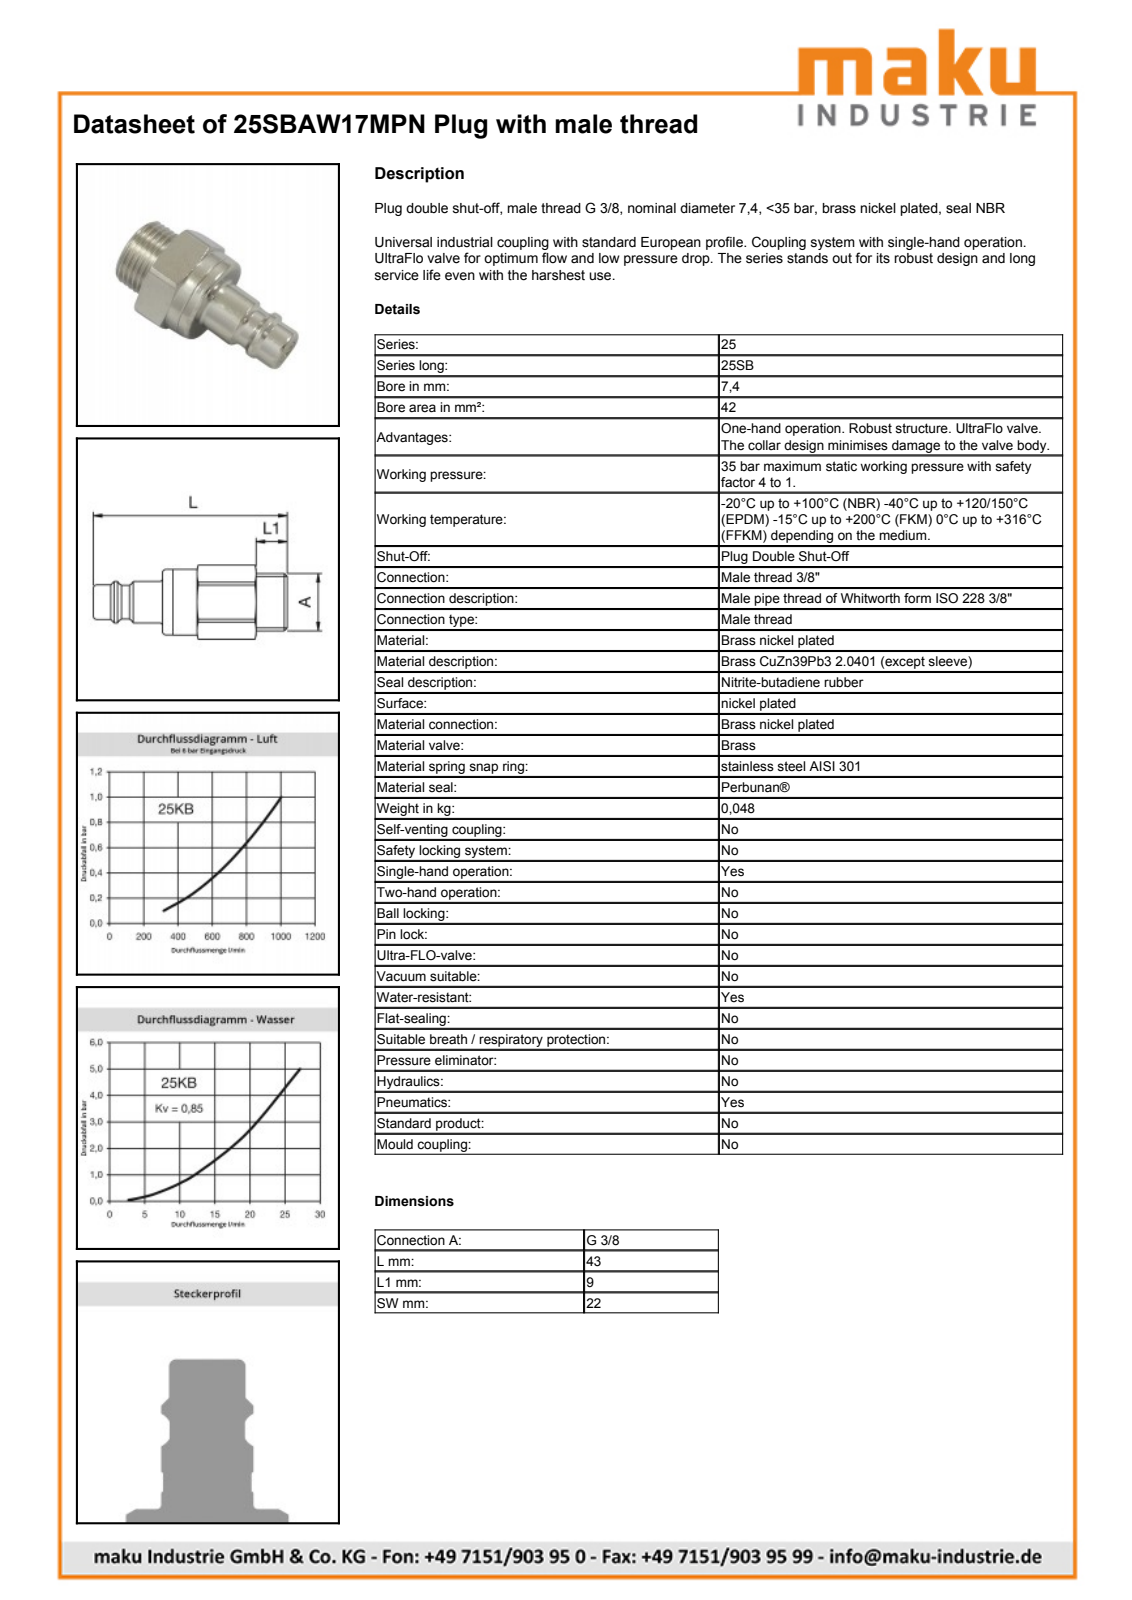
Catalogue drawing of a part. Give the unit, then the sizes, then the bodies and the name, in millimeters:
Units: millimetres
Overall size (bounding box): 43.1 × 24.49 × 23.86
Round holes (diameter × count): ⌀14.45 ×1, ⌀17 ×1
Round bosses / shafts (diameter × count): ⌀21 ×1, ⌀16.67 ×1, ⌀16.5 ×1, ⌀13.32 ×1, ⌀12 ×1, ⌀10 ×1, ⌀9.75 ×1
Partial cylindrical surfaces — rounded edges, fillets, slot ends (radius × count): R12.4 ×1
Main face-to-face distances: 9, 22, 14.1, 23.1, 21.98, 4.5, 7.5, 11.1, 6.6, 15.6
Volume: 9 001 mm³ · Surface area: 3 850 mm²
Bodies: 1 solid, 58 faces (17 planar, 17 cylindrical, 24 other)
Part name (STEP PRODUCT): D107650
STEP written by: Autodesk Inventor 2013 (AUTOMOTIVE_DESIGN)
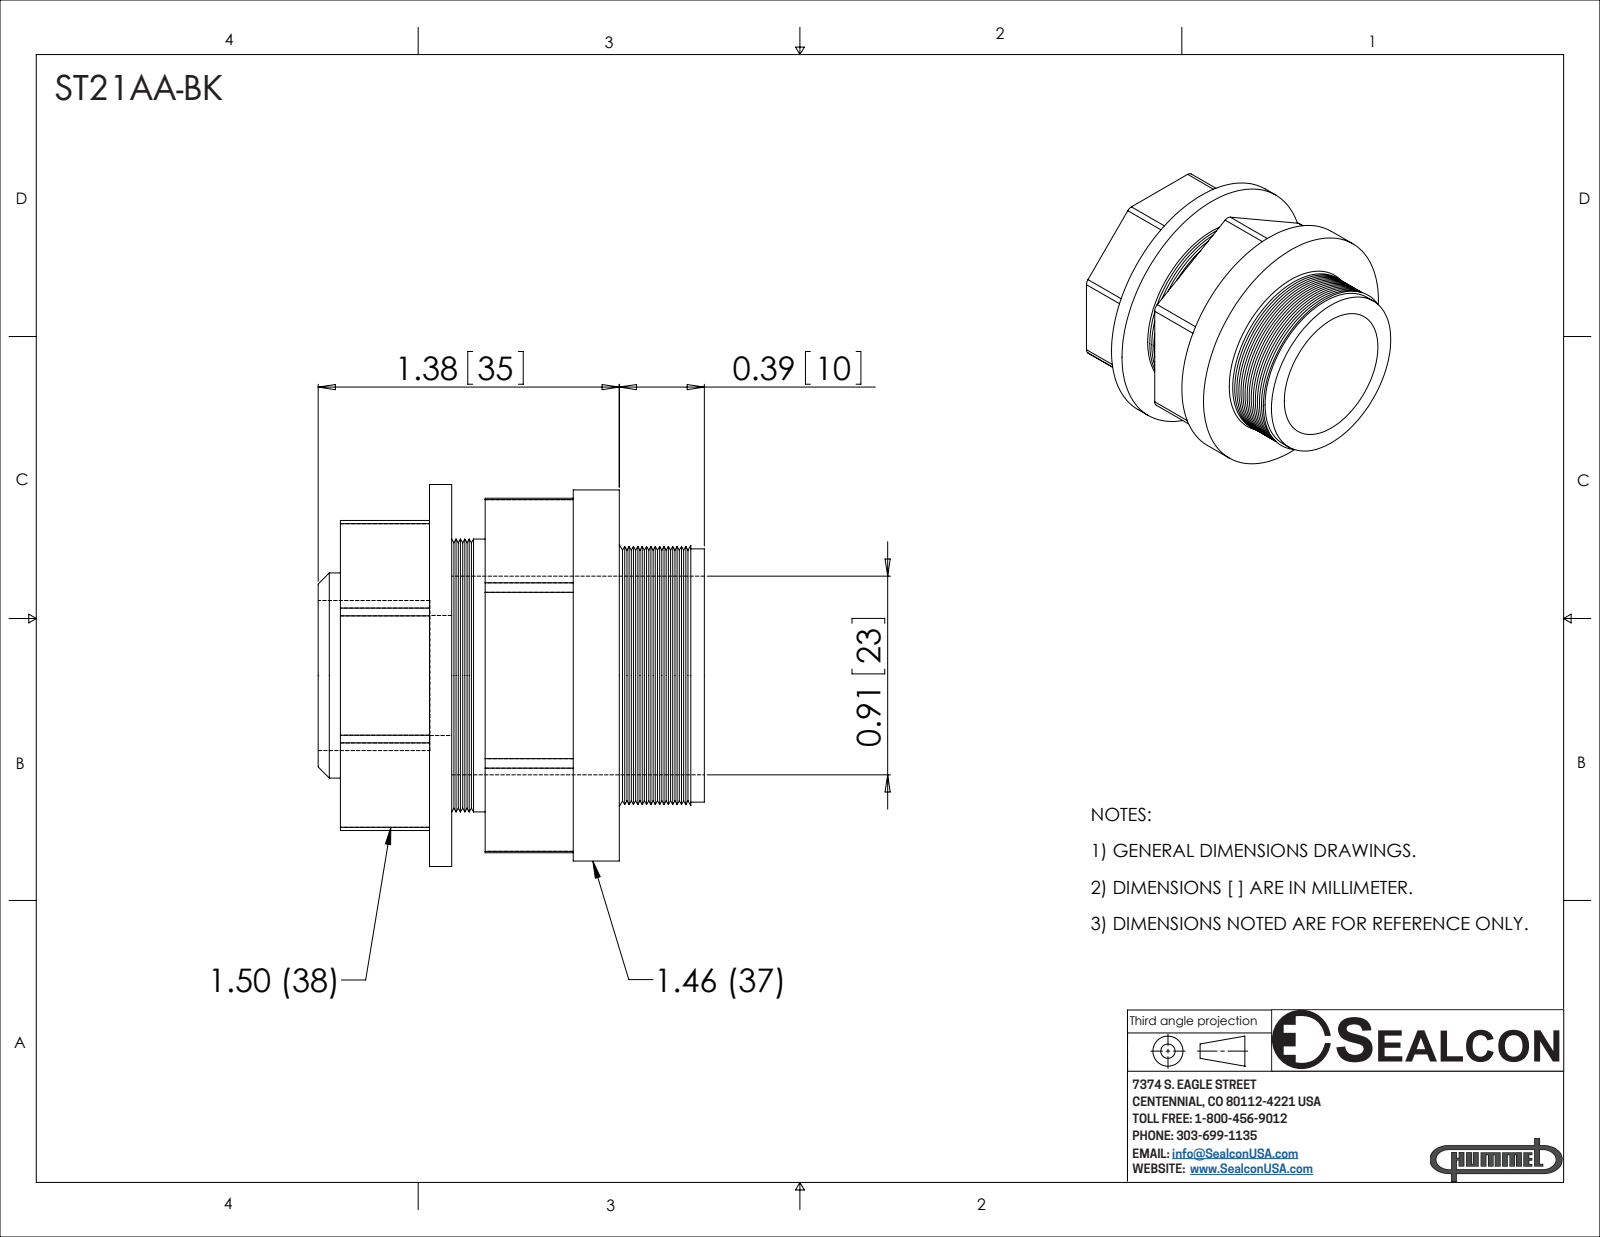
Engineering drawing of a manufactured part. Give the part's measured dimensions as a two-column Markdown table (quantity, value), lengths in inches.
| quantity | value |
| --- | --- |
| part name | ST21AA-BK |
| STEP written by | SolidWorks 2008 (CONFIG_CONTROL_DESIGN) |
| units | inches |
| bodies | 2 solids, 141 faces (25 planar, 30 cylindrical, 86 other) |
| overall size | 1.77 × 1.75 × 1.75 |
| volume | 1.811 in³ |
| surface area | 21.55 in² |
| round holes (diameter × count) | 0.55 × 1, 0.687 × 1, 0.91 × 1 |
| round bosses / shafts (diameter × count) | 1.75 × 1, 1.7 × 1, 1.25 × 1, 1.16 × 1, 0.94 × 1 |
| partial cylindrical surfaces (radius × count) | 0.05 × 14 |
| main face-to-face distances | 1.42, 0.51, 0.768, 1.278, 0.102, 0.408, 0.87, 1.067, 0.659, 0.557 |

++++++++

TASK DESCRIPTION: Retype everything in the entries above exactly. The pictures are to be omitted.

ANSWER TO THIS PROBLEM:
Catalogue drawing of a part. Give the unit, then the sizes, then the bodies and the name, in millimeters:
Units: millimetres
Overall size (bounding box): 43.1 × 24.49 × 23.86
Round holes (diameter × count): ⌀14.45 ×1, ⌀17 ×1
Round bosses / shafts (diameter × count): ⌀21 ×1, ⌀16.67 ×1, ⌀16.5 ×1, ⌀13.32 ×1, ⌀12 ×1, ⌀10 ×1, ⌀9.75 ×1
Partial cylindrical surfaces — rounded edges, fillets, slot ends (radius × count): R12.4 ×1
Main face-to-face distances: 9, 22, 14.1, 23.1, 21.98, 4.5, 7.5, 11.1, 6.6, 15.6
Volume: 9 001 mm³ · Surface area: 3 850 mm²
Bodies: 1 solid, 58 faces (17 planar, 17 cylindrical, 24 other)
Part name (STEP PRODUCT): D107650
STEP written by: Autodesk Inventor 2013 (AUTOMOTIVE_DESIGN)
Engineering drawing of a manufactured part. Give the part's measured dimensions as a two-column Markdown table (quantity, value), lengths in inches.
| quantity | value |
| --- | --- |
| part name | ST21AA-BK |
| STEP written by | SolidWorks 2008 (CONFIG_CONTROL_DESIGN) |
| units | inches |
| bodies | 2 solids, 141 faces (25 planar, 30 cylindrical, 86 other) |
| overall size | 1.77 × 1.75 × 1.75 |
| volume | 1.811 in³ |
| surface area | 21.55 in² |
| round holes (diameter × count) | 0.55 × 1, 0.687 × 1, 0.91 × 1 |
| round bosses / shafts (diameter × count) | 1.75 × 1, 1.7 × 1, 1.25 × 1, 1.16 × 1, 0.94 × 1 |
| partial cylindrical surfaces (radius × count) | 0.05 × 14 |
| main face-to-face distances | 1.42, 0.51, 0.768, 1.278, 0.102, 0.408, 0.87, 1.067, 0.659, 0.557 |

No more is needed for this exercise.